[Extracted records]

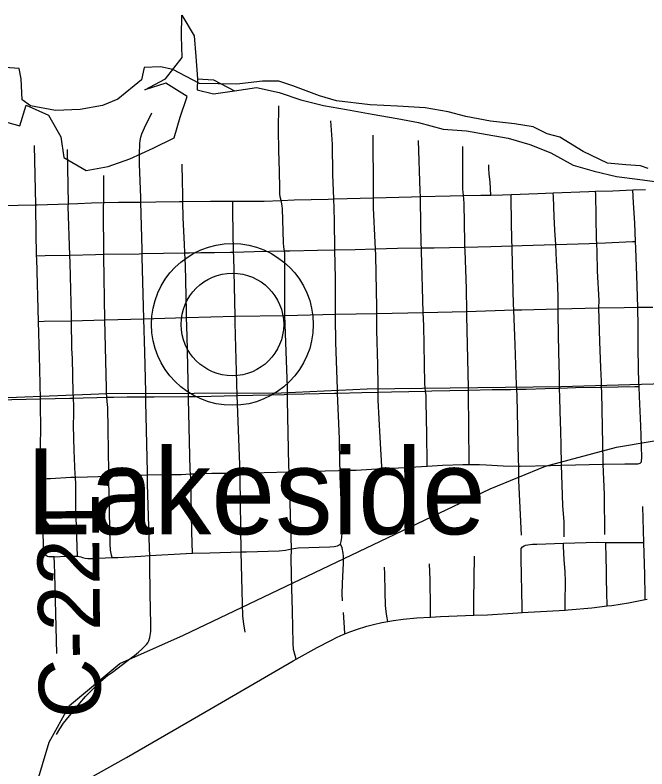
# Model space of a CAD drawing. Extents: x -12 to 34, y 0 to 22.
# Drawn here: x 6.606 to 7.187, y 18.102 to 18.796 of the extents above; entities that cross this region are included whole.
import ezdxf

# ---------------------------------------------------------------- set-up
doc = ezdxf.new("R2010")
doc.units = 0
for name, color, linetype in [('GM_X_Airport_Location_Class_2', 7, 'Continuous'), ('GM_X_Corporation', 7, 'Continuous'), ('GM_X_County_Road', 7, 'Continuous'), ('GM_X_Interstate_Location', 7, 'Continuous'), ('GM_X_Major_Lake', 7, 'Continuous'), ('GM_X_Major_River', 7, 'Continuous'), ('GM_X_Minor_River', 7, 'Continuous'), ('GM_X_Section_Text', 7, 'Continuous'), ('GM_X_Township', 7, 'Continuous'), ('GM_X_Township_Subdivision', 7, 'Continuous')]:
    doc.layers.add(name, color=color, linetype=linetype)

msp = doc.modelspace()

# ---------------------------------------------------------------- linework, layer by layer
at = {"layer": 'GM_X_Airport_Location_Class_2'}
msp.add_lwpolyline([(7.1879, 18.65464), (7.18059, 18.65733), (7.16716, 18.65813), (7.1505, 18.65975), (7.12794, 18.67049), (7.10641, 18.68359), (7.09489, 18.68661), (7.082, 18.69306), (7.0648, 18.69575), (7.04278, 18.69816), (7.02021, 18.70246), (7.00382, 18.70676), (6.9826, 18.71052), (6.95734, 18.71214), (6.93209, 18.71321), (6.9012, 18.71697), (6.88561, 18.72154), (6.8609, 18.73094), (6.84827, 18.73497), (6.83323, 18.73497), (6.80958, 18.73228), (6.7752, 18.73309), (6.75075, 18.74572), (6.7392, 18.7484), (6.72442, 18.7476), (6.72174, 18.73631), (6.69998, 18.71858), (6.686, 18.71267), (6.66559, 18.70918), (6.64275, 18.7081), (6.61992, 18.7124), (6.61213, 18.71805), (6.61105, 18.73739), (6.60944, 18.74679), (6.58768, 18.7484)], dxfattribs=at)
msp.add_lwpolyline([(7.1879, 18.65464), (7.18059, 18.65733), (7.16716, 18.65813), (7.1505, 18.65975), (7.12794, 18.67049), (7.10641, 18.68359), (7.09489, 18.68661), (7.082, 18.69306), (7.0648, 18.69575), (7.04278, 18.69816), (7.02021, 18.70246), (7.00382, 18.70676), (6.9826, 18.71052), (6.95734, 18.71214), (6.93209, 18.71321), (6.9012, 18.71697), (6.88561, 18.72154), (6.8609, 18.73094), (6.84827, 18.73497), (6.83323, 18.73497), (6.80958, 18.73228), (6.7752, 18.73309), (6.75075, 18.74572), (6.7392, 18.7484), (6.72442, 18.7476), (6.72174, 18.73631), (6.69998, 18.71858), (6.686, 18.71267), (6.66559, 18.70918), (6.64275, 18.7081), (6.61992, 18.7124), (6.61213, 18.71805), (6.61105, 18.73739), (6.60944, 18.74679), (6.58768, 18.7484)], dxfattribs=at)
at = {"layer": 'GM_X_Corporation'}
for points in [[(4.21516, 16.89608), (4.31222, 16.96474), (4.74688, 17.31604), (5.03809, 17.55354), (5.18709, 17.66982), (5.65945, 18.04091), (6.05453, 18.35511), (6.09781, 18.38665), (6.1312, 18.40211), (6.16953, 18.40953), (6.55349, 18.44232), (6.69012, 18.44788), (6.85026, 18.4485), (6.9294, 18.45221), (7.10746, 18.45407), (7.25585, 18.4584), (7.28615, 18.45159), (7.37827, 18.44726), (7.7344, 18.45716)], [(5.81508, 17.10766), (6.21975, 17.27361), (6.42432, 17.35397), (6.50615, 17.4016), (6.55673, 17.45964), (6.585, 17.51471), (6.60508, 17.56754), (6.61624, 17.62558), (6.61996, 17.67395), (6.61773, 18.0624), (6.63707, 18.12714), (6.65567, 18.16062), (6.70179, 18.19932), (6.76056, 18.22536), (7.04254, 18.36006), (7.09324, 18.38108), (7.15878, 18.3984), (7.22061, 18.40892), (7.27873, 18.40706), (7.57179, 18.3347), (7.6466, 18.33222), (7.73625, 18.33717), (7.85249, 18.35139), (8.03302, 18.37675)]]:
    msp.add_lwpolyline(points, dxfattribs=at)
at = {"layer": 'GM_X_Interstate_Location'}
for radius in [0.0744, 0.04716]:
    msp.add_circle((6.80544, 18.51131), radius, dxfattribs=at)
at = {"layer": 'GM_X_Major_Lake'}
for points in [[(6.86405, 18.20332), (6.8833, 18.2141), (6.89609, 18.22069), (6.9018, 18.22354), (6.90739, 18.22603), (6.9088, 18.2266), (6.91348, 18.22852), (6.91957, 18.23063), (6.92901, 18.23361), (6.93534, 18.23535), (6.94292, 18.23709), (6.94824, 18.2381), (6.95365, 18.23892), (6.96252, 18.24008), (6.97493, 18.24128), (6.9876, 18.242), (6.99668, 18.24251), (7.02732, 18.24377), (7.04012, 18.24429), (7.06802, 18.24598), (7.07183, 18.2462), (7.11155, 18.24858), (7.11417, 18.24874), (7.13582, 18.25063), (7.15019, 18.25238), (7.15428, 18.25288), (7.16959, 18.25536), (7.18508, 18.25819), (7.18677, 18.25851)], [(6.65922, 18.08561), (6.70793, 18.11308), (6.78602, 18.15808), (6.86128, 18.20177), (6.86405, 18.20332)]]:
    msp.add_lwpolyline(points, dxfattribs=at)
at = {"layer": 'GM_X_Major_River'}
for p, q in [((6.62461, 18.62131), (6.62348, 18.67589)), ((6.65458, 18.62239), (6.65386, 18.6721)), ((7.17353, 18.63503), (7.18535, 18.63547)), ((6.89874, 18.62674), (6.93514, 18.6278)), ((6.59471, 18.6208), (6.60833, 18.62101)), ((6.60833, 18.62101), (6.62461, 18.62131)), ((6.72255, 18.57649), (6.76178, 18.57711)), ((6.98098, 18.52232), (7.02089, 18.52336)), ((7.02089, 18.52336), (7.06422, 18.52468)), ((7.10509, 18.52569), (7.14253, 18.52664)), ((7.17832, 18.52712), (7.1922, 18.52723)), ((6.68808, 18.51548), (6.72391, 18.51638)), ((6.76327, 18.51775), (6.8079, 18.51882)), ((6.8079, 18.51882), (6.85377, 18.51966)), ((6.85377, 18.51966), (6.90015, 18.52074)), ((6.90015, 18.52074), (6.93824, 18.52149)), ((6.93824, 18.52149), (6.98098, 18.52232)), ((6.65752, 18.51477), (6.68808, 18.51548)), ((6.58207, 18.4419), (6.62904, 18.4429)), ((6.81248, 18.37454), (6.80986, 18.44596)), ((7.10802, 18.38189), (7.14644, 18.38265)), ((7.18386, 18.31069), (7.18272, 18.34391))]:
    msp.add_line(p, q, dxfattribs=at)
for points in [[(6.85037, 18.62537), (6.84949, 18.62855), (6.84905, 18.63161), (6.84892, 18.63659), (6.84872, 18.65231), (6.84812, 18.67127), (6.84791, 18.69021), (6.84807, 18.71227)], [(6.72129, 18.62392), (6.72118, 18.628), (6.72001, 18.65881), (6.71991, 18.66814), (6.72022, 18.67744), (6.72054, 18.68052), (6.72116, 18.68354), (6.72201, 18.68651), (6.72457, 18.69216), (6.73145, 18.70608)], [(6.89874, 18.62674), (6.89775, 18.64924), (6.89746, 18.67707), (6.89605, 18.69865)], [(6.93514, 18.6278), (6.93504, 18.63475), (6.93475, 18.68552)], [(6.97827, 18.62901), (6.97815, 18.63386), (6.9766, 18.68044)], [(7.01799, 18.62981), (7.01761, 18.63296), (7.01748, 18.63547), (7.01733, 18.67496)], [(6.75989, 18.62448), (6.75984, 18.6309), (6.75958, 18.64324), (6.75915, 18.65868)], [(7.04296, 18.63038), (7.04273, 18.63619), (7.04248, 18.64242), (7.04144, 18.64945), (7.04111, 18.65507), (7.04124, 18.65827)], [(6.6871, 18.62349), (6.68709, 18.62998), (6.68713, 18.64824)], [(7.1005, 18.63234), (7.13335, 18.63363), (7.13949, 18.63383)], [(7.13949, 18.63383), (7.15539, 18.63437), (7.17353, 18.63503)], [(7.14053, 18.58602), (7.14039, 18.58943), (7.13954, 18.63103), (7.13949, 18.63383)], [(7.17607, 18.58764), (7.17561, 18.6046), (7.17432, 18.62316), (7.17353, 18.63503)], [(6.93514, 18.6278), (6.97, 18.62884), (6.97827, 18.62901)], [(6.937, 18.58088), (6.93676, 18.58675), (6.93534, 18.61859), (6.93514, 18.6278)], [(6.97827, 18.62901), (7.00564, 18.62957), (7.01799, 18.62981)], [(6.97926, 18.58166), (6.9791, 18.58531), (6.97832, 18.62487), (6.97827, 18.62901)], [(7.01799, 18.62981), (7.03394, 18.63013), (7.04296, 18.63038)], [(7.01926, 18.58239), (7.01909, 18.58662), (7.01847, 18.62264), (7.01822, 18.6268), (7.01799, 18.62981)], [(7.04296, 18.63038), (7.05379, 18.63068), (7.06166, 18.63095)], [(7.06166, 18.63095), (7.08631, 18.63179), (7.1005, 18.63234)], [(7.06257, 18.58353), (7.06247, 18.58747), (7.06176, 18.62582), (7.06172, 18.62816), (7.06166, 18.63095)], [(7.10285, 18.58495), (7.10193, 18.59817), (7.10137, 18.61056), (7.10064, 18.62866), (7.1005, 18.63234)], [(6.62461, 18.62131), (6.62603, 18.62133), (6.65458, 18.62239)], [(6.62542, 18.57443), (6.62467, 18.61813), (6.62461, 18.62131)], [(6.65589, 18.57515), (6.65456, 18.61985), (6.65458, 18.62239)], [(6.65458, 18.62239), (6.66335, 18.62269), (6.67572, 18.62325), (6.6871, 18.62349)], [(6.6873, 18.57588), (6.68699, 18.61689), (6.68696, 18.6202), (6.6871, 18.62349)], [(6.6871, 18.62349), (6.70071, 18.62378), (6.71949, 18.62387), (6.72129, 18.62392)], [(6.72129, 18.62392), (6.73513, 18.62406), (6.7569, 18.62445), (6.75989, 18.62448)], [(6.72255, 18.57649), (6.72249, 18.58022), (6.72129, 18.62392)], [(6.75989, 18.62448), (6.7852, 18.62474), (6.80582, 18.62468)], [(6.76178, 18.57711), (6.76145, 18.58504), (6.76012, 18.60935), (6.75989, 18.62448)], [(6.80582, 18.62468), (6.83479, 18.62484), (6.85037, 18.62537)], [(6.80656, 18.57787), (6.80589, 18.61493), (6.80582, 18.62468)], [(6.85037, 18.62537), (6.86223, 18.62579), (6.89336, 18.62656), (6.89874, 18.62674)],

### WHAT YOU ARE ASKED TO DO
The reply should hold only the lines running from the top of the records to the line containing "doc.units = 0", both included, copied exactly with no pictures.

### SOLUTION
# Model space of a CAD drawing. Extents: x -12 to 34, y 0 to 22.
# Drawn here: x 6.606 to 7.187, y 18.102 to 18.796 of the extents above; entities that cross this region are included whole.
import ezdxf

# ---------------------------------------------------------------- set-up
doc = ezdxf.new("R2010")
doc.units = 0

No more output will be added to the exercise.